DATA SECTION: Begin

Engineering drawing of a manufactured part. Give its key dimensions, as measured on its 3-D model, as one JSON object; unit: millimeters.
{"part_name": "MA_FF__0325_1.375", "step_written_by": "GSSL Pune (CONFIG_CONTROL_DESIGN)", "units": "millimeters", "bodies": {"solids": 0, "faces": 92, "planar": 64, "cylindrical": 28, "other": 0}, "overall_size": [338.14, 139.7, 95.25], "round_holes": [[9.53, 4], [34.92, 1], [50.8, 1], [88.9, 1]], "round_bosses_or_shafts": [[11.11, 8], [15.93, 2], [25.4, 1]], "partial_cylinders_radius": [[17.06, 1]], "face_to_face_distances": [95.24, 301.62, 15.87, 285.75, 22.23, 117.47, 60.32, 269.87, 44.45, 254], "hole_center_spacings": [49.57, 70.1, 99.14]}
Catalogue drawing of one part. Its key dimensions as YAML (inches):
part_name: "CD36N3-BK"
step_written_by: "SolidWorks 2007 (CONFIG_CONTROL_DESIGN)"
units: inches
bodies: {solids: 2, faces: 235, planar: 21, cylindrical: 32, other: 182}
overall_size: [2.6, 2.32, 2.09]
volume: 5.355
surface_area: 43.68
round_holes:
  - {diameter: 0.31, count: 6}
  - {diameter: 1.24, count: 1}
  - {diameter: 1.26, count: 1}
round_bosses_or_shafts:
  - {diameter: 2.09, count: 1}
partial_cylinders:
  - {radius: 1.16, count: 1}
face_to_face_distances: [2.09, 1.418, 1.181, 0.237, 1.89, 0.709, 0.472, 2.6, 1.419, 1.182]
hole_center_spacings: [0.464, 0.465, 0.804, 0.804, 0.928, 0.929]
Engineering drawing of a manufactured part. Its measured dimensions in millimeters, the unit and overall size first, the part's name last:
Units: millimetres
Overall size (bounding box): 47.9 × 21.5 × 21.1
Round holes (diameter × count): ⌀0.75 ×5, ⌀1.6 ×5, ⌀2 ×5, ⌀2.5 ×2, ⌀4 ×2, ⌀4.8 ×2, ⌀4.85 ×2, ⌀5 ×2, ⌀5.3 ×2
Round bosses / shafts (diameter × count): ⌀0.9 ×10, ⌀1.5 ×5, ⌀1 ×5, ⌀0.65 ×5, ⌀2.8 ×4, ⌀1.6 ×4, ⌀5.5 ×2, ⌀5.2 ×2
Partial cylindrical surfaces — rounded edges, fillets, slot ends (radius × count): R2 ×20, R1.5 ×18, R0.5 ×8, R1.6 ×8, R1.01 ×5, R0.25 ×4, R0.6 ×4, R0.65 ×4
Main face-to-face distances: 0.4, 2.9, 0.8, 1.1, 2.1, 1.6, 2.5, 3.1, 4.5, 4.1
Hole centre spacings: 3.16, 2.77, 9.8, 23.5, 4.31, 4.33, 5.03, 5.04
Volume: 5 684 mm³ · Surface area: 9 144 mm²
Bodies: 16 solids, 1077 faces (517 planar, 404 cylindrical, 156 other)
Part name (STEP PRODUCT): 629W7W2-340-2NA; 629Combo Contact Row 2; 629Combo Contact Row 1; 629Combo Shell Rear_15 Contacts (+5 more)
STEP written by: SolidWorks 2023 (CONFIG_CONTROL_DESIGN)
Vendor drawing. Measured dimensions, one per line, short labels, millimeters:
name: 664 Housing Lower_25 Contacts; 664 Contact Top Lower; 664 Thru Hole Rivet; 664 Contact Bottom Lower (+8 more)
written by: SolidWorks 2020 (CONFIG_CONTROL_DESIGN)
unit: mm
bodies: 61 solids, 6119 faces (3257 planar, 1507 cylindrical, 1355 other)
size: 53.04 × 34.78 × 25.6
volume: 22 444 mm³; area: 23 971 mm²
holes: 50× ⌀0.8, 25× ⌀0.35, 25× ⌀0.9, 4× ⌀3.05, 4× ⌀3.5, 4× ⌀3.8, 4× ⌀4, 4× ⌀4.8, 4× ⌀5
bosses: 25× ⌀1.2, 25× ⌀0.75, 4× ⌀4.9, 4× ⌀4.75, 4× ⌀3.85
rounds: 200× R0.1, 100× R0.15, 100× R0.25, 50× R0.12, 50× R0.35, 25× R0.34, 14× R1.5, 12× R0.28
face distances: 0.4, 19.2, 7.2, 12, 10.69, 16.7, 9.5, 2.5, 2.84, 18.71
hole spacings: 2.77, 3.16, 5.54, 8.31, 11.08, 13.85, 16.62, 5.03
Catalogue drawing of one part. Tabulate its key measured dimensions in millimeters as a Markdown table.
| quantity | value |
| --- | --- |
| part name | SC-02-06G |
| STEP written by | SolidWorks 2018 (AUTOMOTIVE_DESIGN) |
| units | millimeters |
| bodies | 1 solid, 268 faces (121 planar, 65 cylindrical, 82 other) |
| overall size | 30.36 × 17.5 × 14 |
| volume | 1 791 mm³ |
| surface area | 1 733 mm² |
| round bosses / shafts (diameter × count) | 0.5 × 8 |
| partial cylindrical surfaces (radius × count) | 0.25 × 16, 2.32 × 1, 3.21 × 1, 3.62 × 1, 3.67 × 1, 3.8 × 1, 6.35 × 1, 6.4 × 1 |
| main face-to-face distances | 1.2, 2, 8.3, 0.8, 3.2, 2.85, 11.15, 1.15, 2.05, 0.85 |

DATA SECTION: End

INSTRUCTIONS FOR THE TASK: Reproduce the entire listing above exactly, leaving nothing out.

RESPONSE AREA:
Engineering drawing of a manufactured part. Give its key dimensions, as measured on its 3-D model, as one JSON object; unit: millimeters.
{"part_name": "MA_FF__0325_1.375", "step_written_by": "GSSL Pune (CONFIG_CONTROL_DESIGN)", "units": "millimeters", "bodies": {"solids": 0, "faces": 92, "planar": 64, "cylindrical": 28, "other": 0}, "overall_size": [338.14, 139.7, 95.25], "round_holes": [[9.53, 4], [34.92, 1], [50.8, 1], [88.9, 1]], "round_bosses_or_shafts": [[11.11, 8], [15.93, 2], [25.4, 1]], "partial_cylinders_radius": [[17.06, 1]], "face_to_face_distances": [95.24, 301.62, 15.87, 285.75, 22.23, 117.47, 60.32, 269.87, 44.45, 254], "hole_center_spacings": [49.57, 70.1, 99.14]}
Catalogue drawing of one part. Its key dimensions as YAML (inches):
part_name: "CD36N3-BK"
step_written_by: "SolidWorks 2007 (CONFIG_CONTROL_DESIGN)"
units: inches
bodies: {solids: 2, faces: 235, planar: 21, cylindrical: 32, other: 182}
overall_size: [2.6, 2.32, 2.09]
volume: 5.355
surface_area: 43.68
round_holes:
  - {diameter: 0.31, count: 6}
  - {diameter: 1.24, count: 1}
  - {diameter: 1.26, count: 1}
round_bosses_or_shafts:
  - {diameter: 2.09, count: 1}
partial_cylinders:
  - {radius: 1.16, count: 1}
face_to_face_distances: [2.09, 1.418, 1.181, 0.237, 1.89, 0.709, 0.472, 2.6, 1.419, 1.182]
hole_center_spacings: [0.464, 0.465, 0.804, 0.804, 0.928, 0.929]
Engineering drawing of a manufactured part. Its measured dimensions in millimeters, the unit and overall size first, the part's name last:
Units: millimetres
Overall size (bounding box): 47.9 × 21.5 × 21.1
Round holes (diameter × count): ⌀0.75 ×5, ⌀1.6 ×5, ⌀2 ×5, ⌀2.5 ×2, ⌀4 ×2, ⌀4.8 ×2, ⌀4.85 ×2, ⌀5 ×2, ⌀5.3 ×2
Round bosses / shafts (diameter × count): ⌀0.9 ×10, ⌀1.5 ×5, ⌀1 ×5, ⌀0.65 ×5, ⌀2.8 ×4, ⌀1.6 ×4, ⌀5.5 ×2, ⌀5.2 ×2
Partial cylindrical surfaces — rounded edges, fillets, slot ends (radius × count): R2 ×20, R1.5 ×18, R0.5 ×8, R1.6 ×8, R1.01 ×5, R0.25 ×4, R0.6 ×4, R0.65 ×4
Main face-to-face distances: 0.4, 2.9, 0.8, 1.1, 2.1, 1.6, 2.5, 3.1, 4.5, 4.1
Hole centre spacings: 3.16, 2.77, 9.8, 23.5, 4.31, 4.33, 5.03, 5.04
Volume: 5 684 mm³ · Surface area: 9 144 mm²
Bodies: 16 solids, 1077 faces (517 planar, 404 cylindrical, 156 other)
Part name (STEP PRODUCT): 629W7W2-340-2NA; 629Combo Contact Row 2; 629Combo Contact Row 1; 629Combo Shell Rear_15 Contacts (+5 more)
STEP written by: SolidWorks 2023 (CONFIG_CONTROL_DESIGN)
Vendor drawing. Measured dimensions, one per line, short labels, millimeters:
name: 664 Housing Lower_25 Contacts; 664 Contact Top Lower; 664 Thru Hole Rivet; 664 Contact Bottom Lower (+8 more)
written by: SolidWorks 2020 (CONFIG_CONTROL_DESIGN)
unit: mm
bodies: 61 solids, 6119 faces (3257 planar, 1507 cylindrical, 1355 other)
size: 53.04 × 34.78 × 25.6
volume: 22 444 mm³; area: 23 971 mm²
holes: 50× ⌀0.8, 25× ⌀0.35, 25× ⌀0.9, 4× ⌀3.05, 4× ⌀3.5, 4× ⌀3.8, 4× ⌀4, 4× ⌀4.8, 4× ⌀5
bosses: 25× ⌀1.2, 25× ⌀0.75, 4× ⌀4.9, 4× ⌀4.75, 4× ⌀3.85
rounds: 200× R0.1, 100× R0.15, 100× R0.25, 50× R0.12, 50× R0.35, 25× R0.34, 14× R1.5, 12× R0.28
face distances: 0.4, 19.2, 7.2, 12, 10.69, 16.7, 9.5, 2.5, 2.84, 18.71
hole spacings: 2.77, 3.16, 5.54, 8.31, 11.08, 13.85, 16.62, 5.03
Catalogue drawing of one part. Tabulate its key measured dimensions in millimeters as a Markdown table.
| quantity | value |
| --- | --- |
| part name | SC-02-06G |
| STEP written by | SolidWorks 2018 (AUTOMOTIVE_DESIGN) |
| units | millimeters |
| bodies | 1 solid, 268 faces (121 planar, 65 cylindrical, 82 other) |
| overall size | 30.36 × 17.5 × 14 |
| volume | 1 791 mm³ |
| surface area | 1 733 mm² |
| round bosses / shafts (diameter × count) | 0.5 × 8 |
| partial cylindrical surfaces (radius × count) | 0.25 × 16, 2.32 × 1, 3.21 × 1, 3.62 × 1, 3.67 × 1, 3.8 × 1, 6.35 × 1, 6.4 × 1 |
| main face-to-face distances | 1.2, 2, 8.3, 0.8, 3.2, 2.85, 11.15, 1.15, 2.05, 0.85 |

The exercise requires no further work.